Wanita Baduy umumnya memakai kalung dan gelang emas. Kulit mereka bening. Menonjolkan kecantikan.
Tenun
Selembar kain selesai ditenun 10 hari hingga dua minggu. Kalau di tempat ditawarkan dengan harga bervariasi mulai dari Rp 300 ribu.
Di ladang mereka menanam padi, pisang, sayur, jahe dan kencur. Baduy juga penghasil duren. Ketika kami berkunjung, musim duren sudah mulai berakhir. Tapi masih sempat mencicipi. Daging tebal. Rasa legit.
“Tenun Baduy cantik. Lebih tebal,” tutur salah seorang anggota rombongan kami, Elly Sri Pujianti, yang jatuh cinta dan langsung membeli lengkap dengan selendang.
Alat Tenun
Pada setiap rumah terdapat alat tenun sederhana dari kayu. Ditempatkan di bale-bale terbuka. Tidak ada meja kursi atau perabotan.

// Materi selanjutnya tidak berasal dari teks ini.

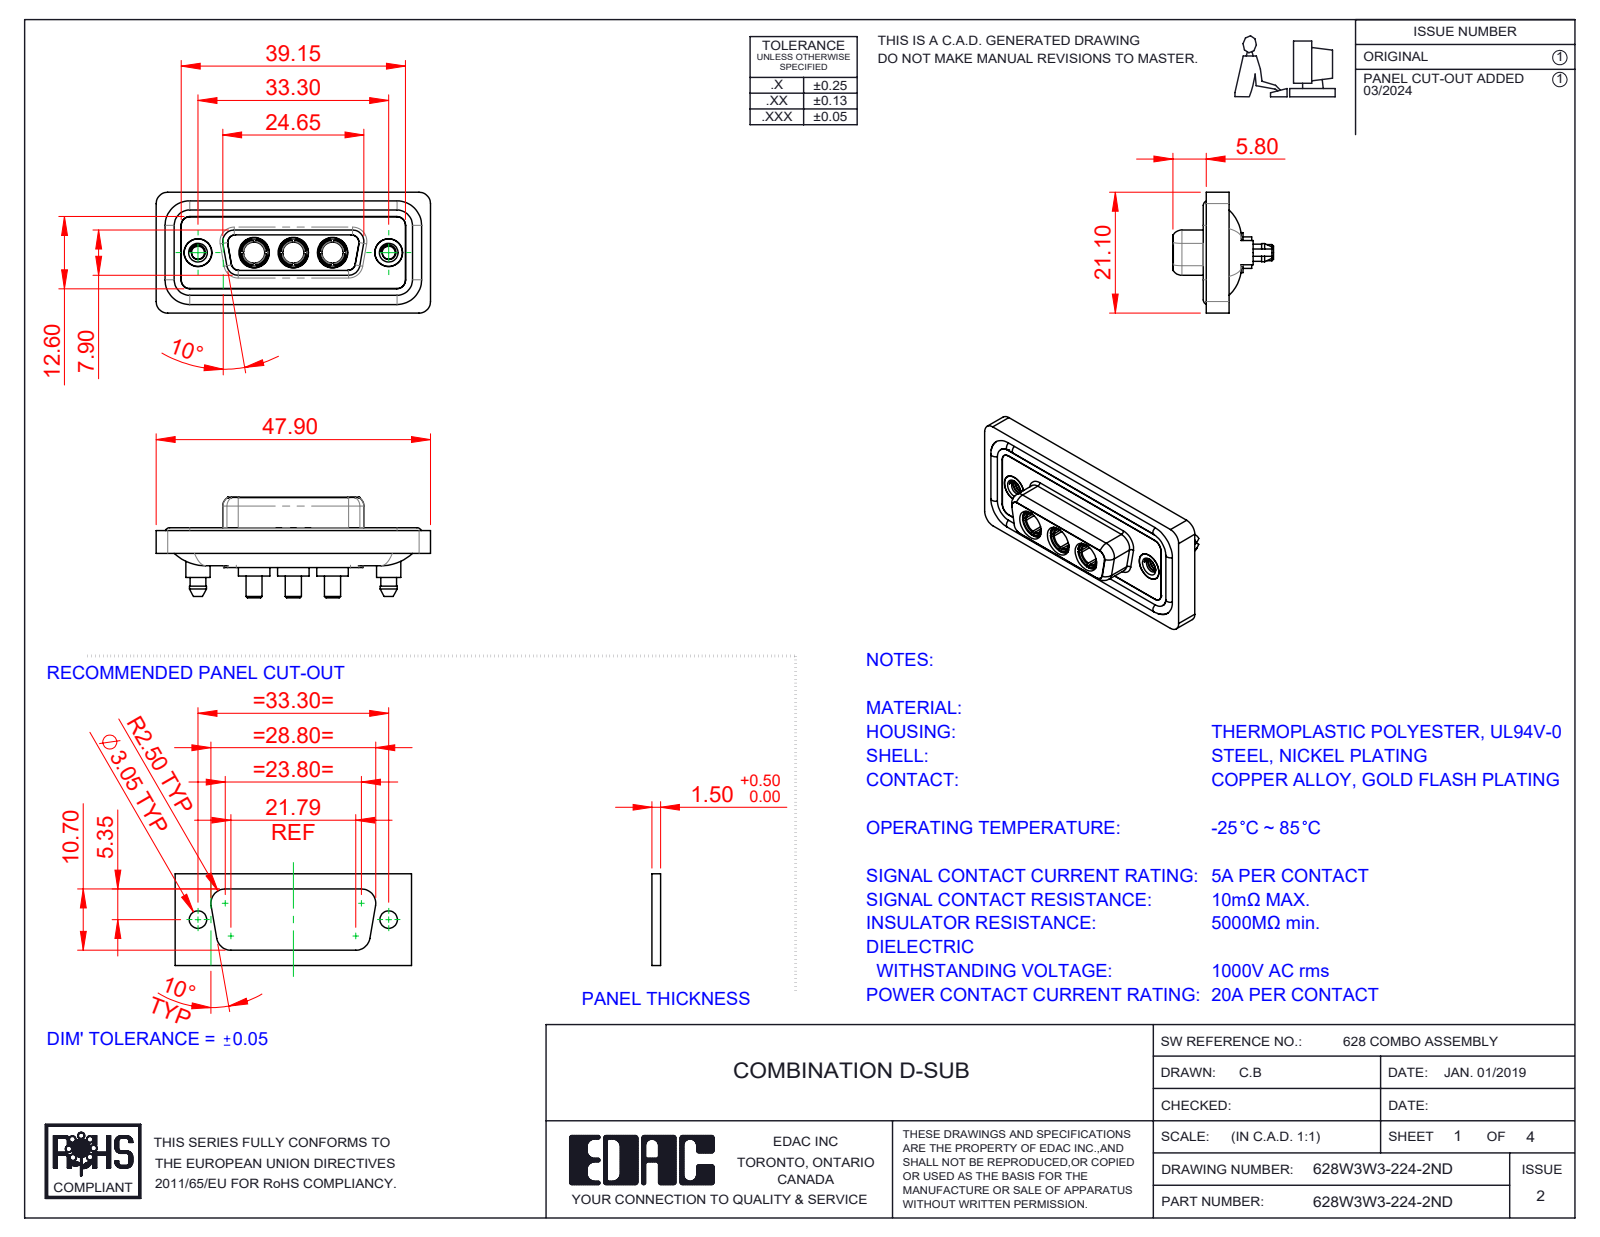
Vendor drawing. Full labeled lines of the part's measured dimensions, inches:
Part name (STEP PRODUCT): 628Combo Housing_3W3; 628Combo Waterproof Housing_15 Contacts; 628Combo Threaded Boardlock_D; 628W3W3-224-2ND (+3 more)
STEP written by: SolidWorks 2023 (CONFIG_CONTROL_DESIGN)
Units: inches
Bodies: 13 solids, 674 faces (208 planar, 305 cylindrical, 161 other)
Overall size (bounding box): 1.886 × 0.831 × 0.691
Volume: 0.376 in³ · Surface area: 15.62 in²
Round holes (diameter × count): ⌀0.191 ×5, ⌀0.146 ×3, ⌀0.209 ×3, ⌀0.089 ×2, ⌀0.157 ×2, ⌀0.159 ×2, ⌀0.197 ×2
Round bosses / shafts (diameter × count): ⌀0.063 ×4, ⌀0.217 ×3, ⌀0.205 ×3, ⌀0.195 ×3, ⌀0.187 ×3, ⌀0.148 ×3, ⌀0.11 ×3, ⌀0.213 ×2
Partial cylindrical surfaces — rounded edges, fillets, slot ends (radius × count): R0.059 ×24, R0.079 ×20, R0.053 ×12, R0.063 ×10, R0.01 ×4, R0.02 ×4, R0.024 ×4, R0.026 ×4
Main face-to-face distances: 0.016, 0.071, 0.063, 0.02, 0.293, 0.043, 0.114, 0.222, 0.278, 0.26
Hole centre spacings: 0.27, 0.386, 0.656, 0.925, 0.539, 1.311
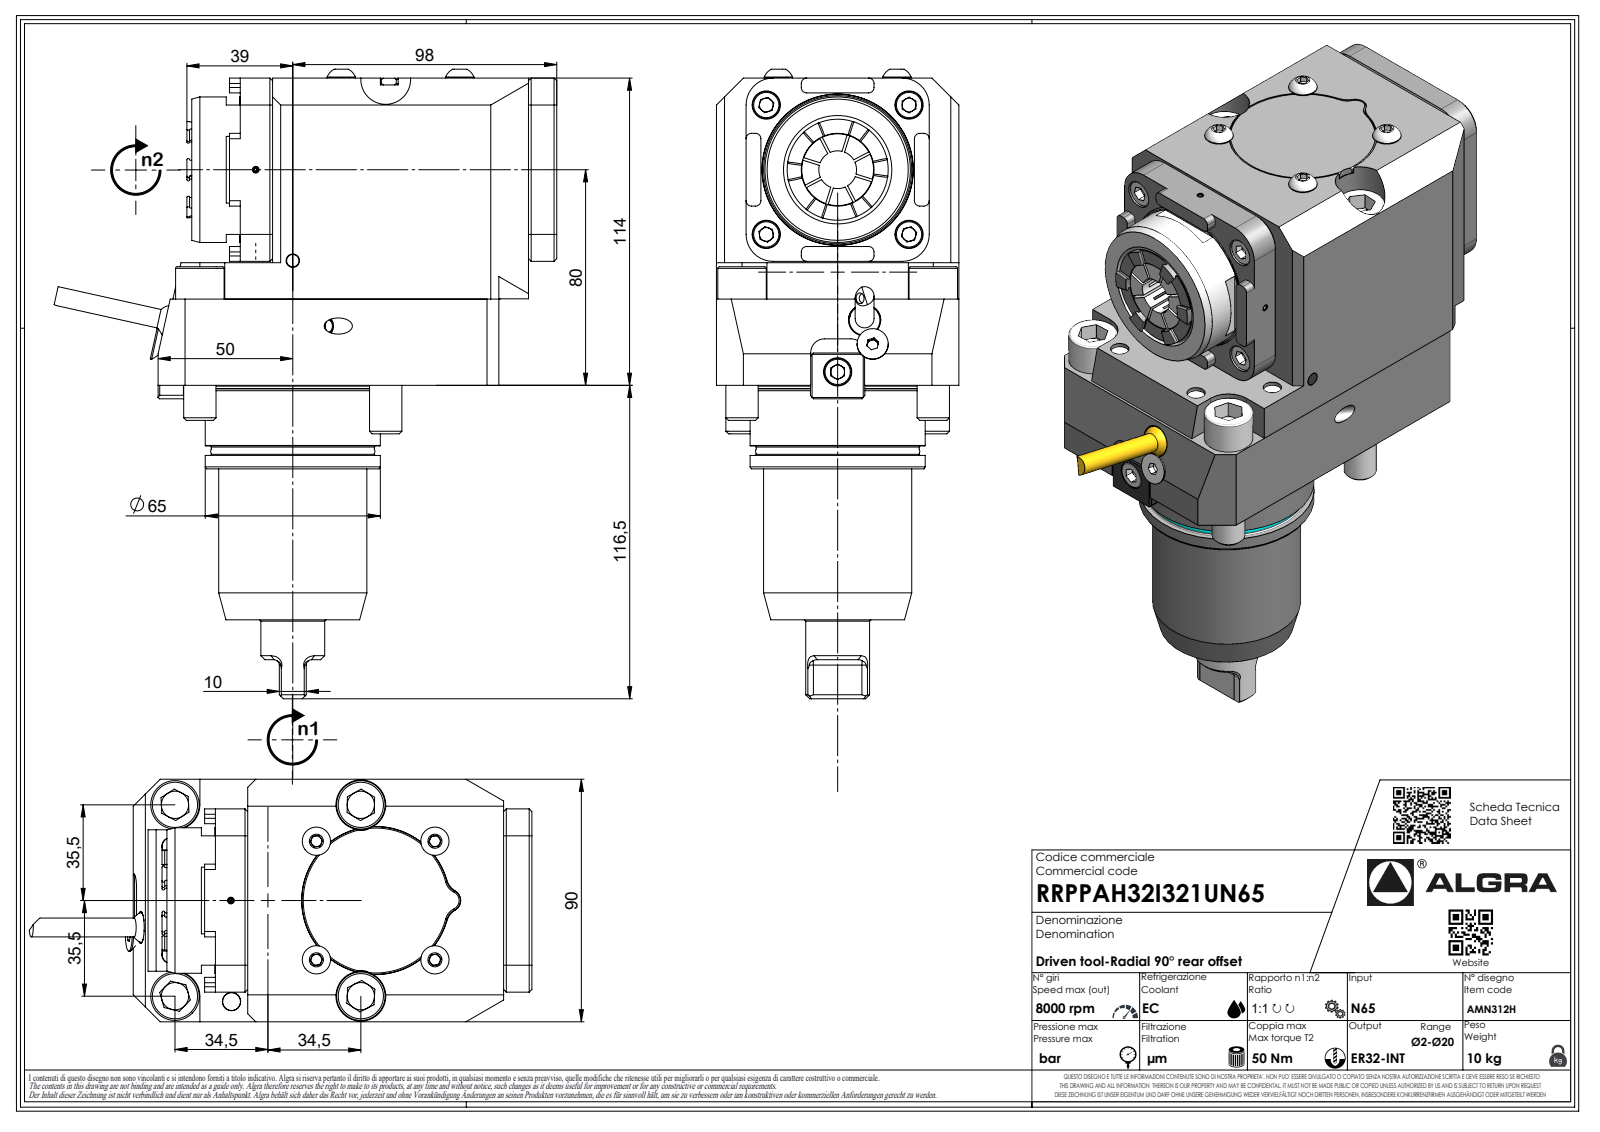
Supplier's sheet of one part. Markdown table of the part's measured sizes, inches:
| quantity | value |
| --- | --- |
| part name | RRPPAH32I321UN65 |
| STEP written by | SolidWorks 2023 (AUTOMOTIVE_DESIGN) |
| units | inches |
| bodies | 1 solid, 654 faces (370 planar, 117 cylindrical, 167 other) |
| overall size | 9.067 × 7.346 × 3.543 |
| volume | 89.7 in³ |
| surface area | 161.9 in² |
| round holes (diameter × count) | 0.728 × 2, 0.083 × 1, 0.157 × 1, 2.165 × 1 |
| round bosses / shafts (diameter × count) | 0.709 × 4, 0.472 × 4, 2.559 × 1, 2.543 × 1, 2.382 × 1, 2.165 × 1, 2.157 × 1, 2.126 × 1 |
| partial cylindrical surfaces (radius × count) | 0.079 × 23, 0.013 × 7, 0.02 × 7, 0.146 × 7, 0.197 × 4, 0.394 × 4, 0.157 × 2, 0.201 × 2 |
| main face-to-face distances | 3.543, 4.488, 0.433, 2.697, 1.791, 0.846, 2.677, 4.486, 2.695, 3.11 |
| hole center spacings | 1.414, 2.795 |
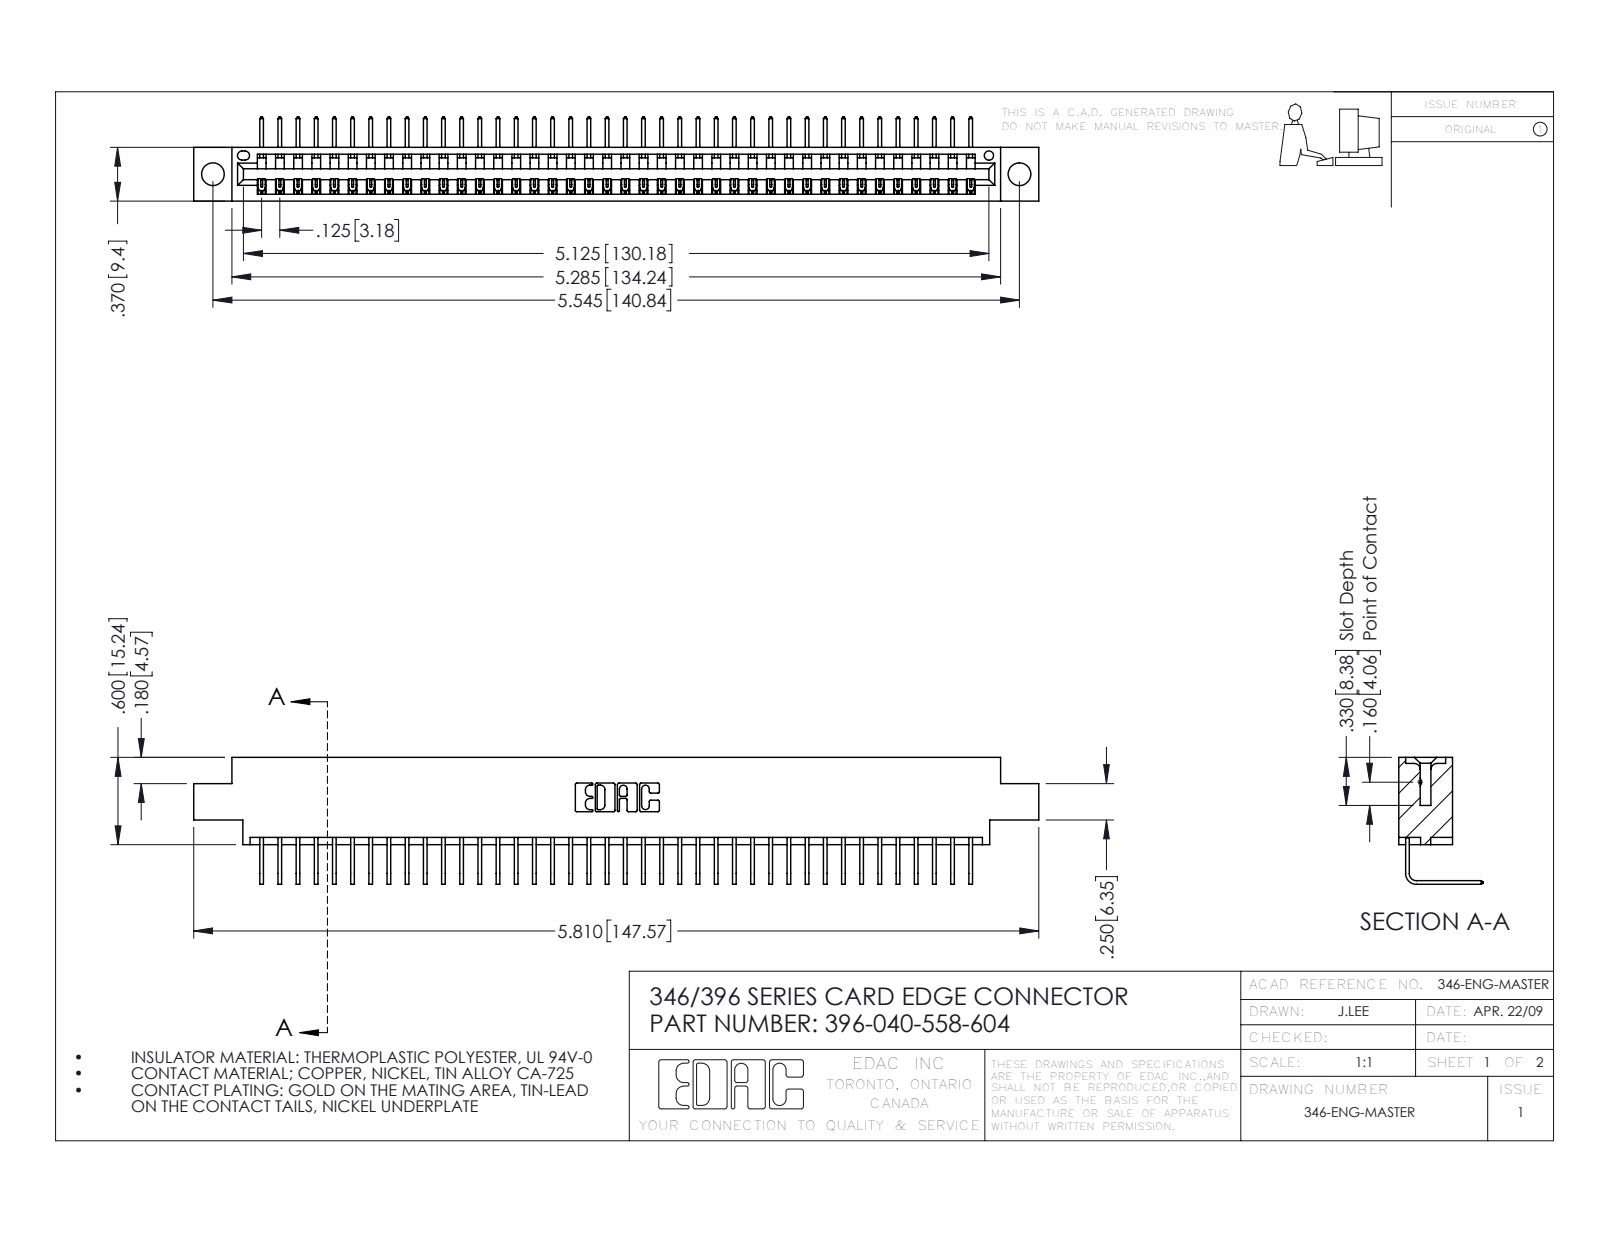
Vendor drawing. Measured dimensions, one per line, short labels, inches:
name: 396-040-558-604; 345-292-001_558 Tail - 2; 346 Part_0.170 Offset - 0.156 Dia-TH
written by: SolidWorks 2016 (CONFIG_CONTROL_DESIGN)
unit: in
bodies: 41 solids, 2526 faces (1760 planar, 766 cylindrical, 0 other)
size: 5.81 × 0.873 × 0.58
volume: 0.855 in³; area: 28.27 in²
holes: 2× ⌀0.156, 1× ⌀0.064
rounds: 80× R0.006, 22× R0.01, 6× R0.007, 6× R0.031, 3× R0.026, 2× R0.031, 2× R0.04, 1× R0.014
face distances: 0.322, 0.048, 0.37, 0.25, 0.298, 0.025, 0.072, 0.148, 0.222, 0.1
hole spacings: 0.246, 5.336, 5.545
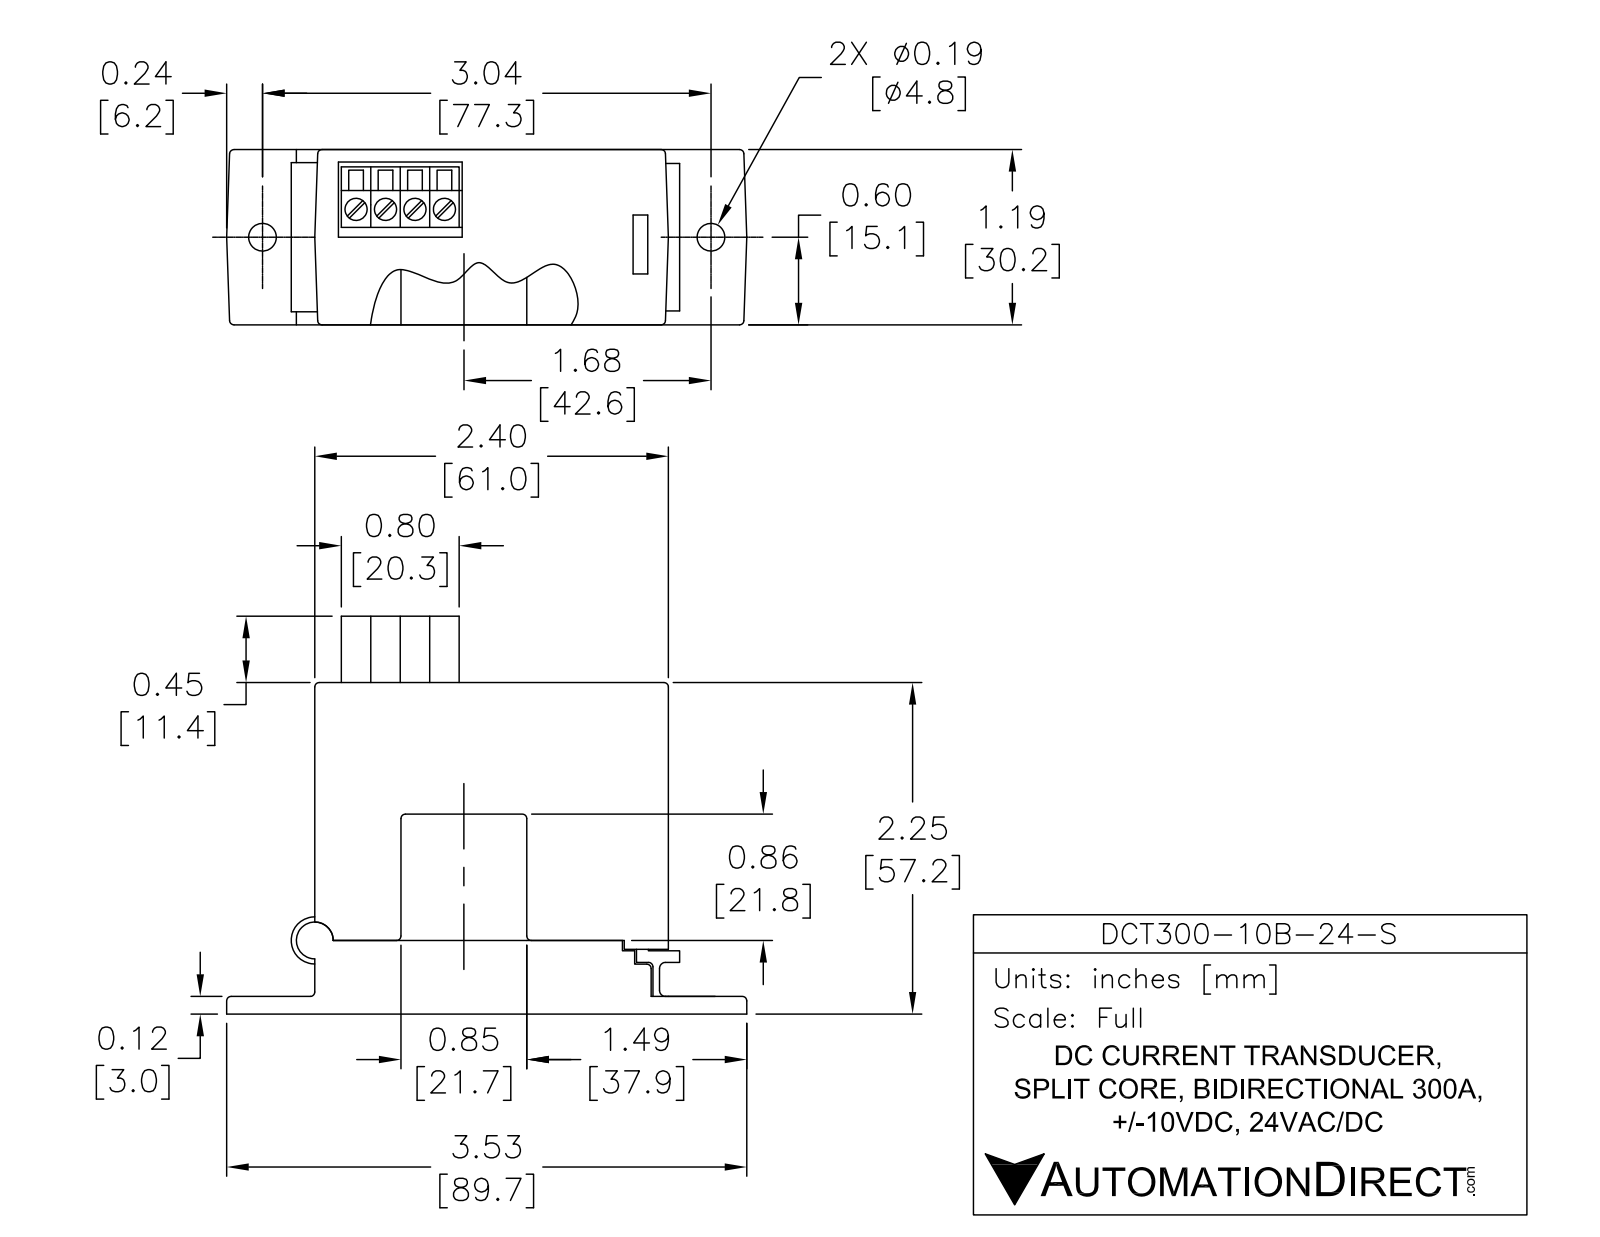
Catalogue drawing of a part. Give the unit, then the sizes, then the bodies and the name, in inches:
Units: inches
Overall size (bounding box): 3.531 × 2.7 × 1.189
Round holes (diameter × count): ⌀0.157 ×4, ⌀0.188 ×2, ⌀0.26 ×1
Round bosses / shafts (diameter × count): ⌀0.25 ×1
Partial cylindrical surfaces — rounded edges, fillets, slot ends (radius × count): R0.03 ×22, R0.16 ×1, R0.17 ×1
Main face-to-face distances: 1.189, 2.252, 0.5, 1.752, 2.399, 0.505, 1.747, 0.118, 0.382, 0.387
Hole centre spacings: 0.197, 0.398, 0.201, 0.596, 0.632, 0.822, 1.019, 1.213
Volume: 5.725 in³ · Surface area: 35.03 in²
Bodies: 4 solids, 158 faces (100 planar, 50 cylindrical, 8 other)
Part name (STEP PRODUCT): DCT300-10B-24-S
STEP written by: SolidWorks 2017 (AUTOMOTIVE_DESIGN)

Pengunjung sambil duduk berselonjor atau bersila silahkan ngobrol santai menyaksikan mereka menenun. Senantiasa disambut ramah. Tidak ada kendala. Mereka lancar berbahasa Indonesia dengan lancar, walaupun tidak bersekolah formal. Tamu kadang disuguhi gula aren sebagai camilan dengan minuman air putih.
Rumah
Rumah terbuat dari kayu. Dinding anyaman bambu. Atap dari daun rumbia dan nipah. Tidak menggunakan paku. Ada kamar mandi umum dan toilet dengan WC duduk. Air dialirkan melalui batang bambu, karena penggunaan pipa paralon merupakan salah satu pantangan.

Pantangan lain tidak boleh ada listrik dan ada televisi. Lampu umumnya dibuat dari potongan ruas bambu yg diberi sumbu dengan bahan bakar minyak kelapa. Minyak tanah tidak ada lagi.
Hape
Apa ada hape? Ya ada. Di mana mereka mencharge atau mengisi daya listrik?
Tempat mencharge ada di luar Baduy. Tapi, dekat aja dengan Baduy Luar. Misalnya di Pos 3 pintu Desa Kanekes. Lokasi cuma beberapa langkah dari dari rumah mereka. Pos terletak di luar Baduy. Tapi masih di tanah ulayat. Di situ juga dibangun Puskesmas. Ada bidan Ira yg melayani.
Di pos terlihat enam remaja berkumpul. Dua di antaranya putri. Mereka rupanya sedang mencharge hape. Keriangan tercermin dari wajah masing-masing. (arl)
(Keterangan: Tim PWI Peduli melakukan survei ke Tanah Baduy, Desa Kanekes untuk rencana bakti sosial dalam rangkaian Hari Pers Nasional (HPN) 9 Februari 2024.
Kami yg berkunjung Rabu siang (27/12-23): Mohammad Nasir, Karim Paputungan, Elly Sri Pujianti, Dadang Rachmat dan istri yang aktif di Ikatan Keluarga Wartawan Indonesia (IKWI).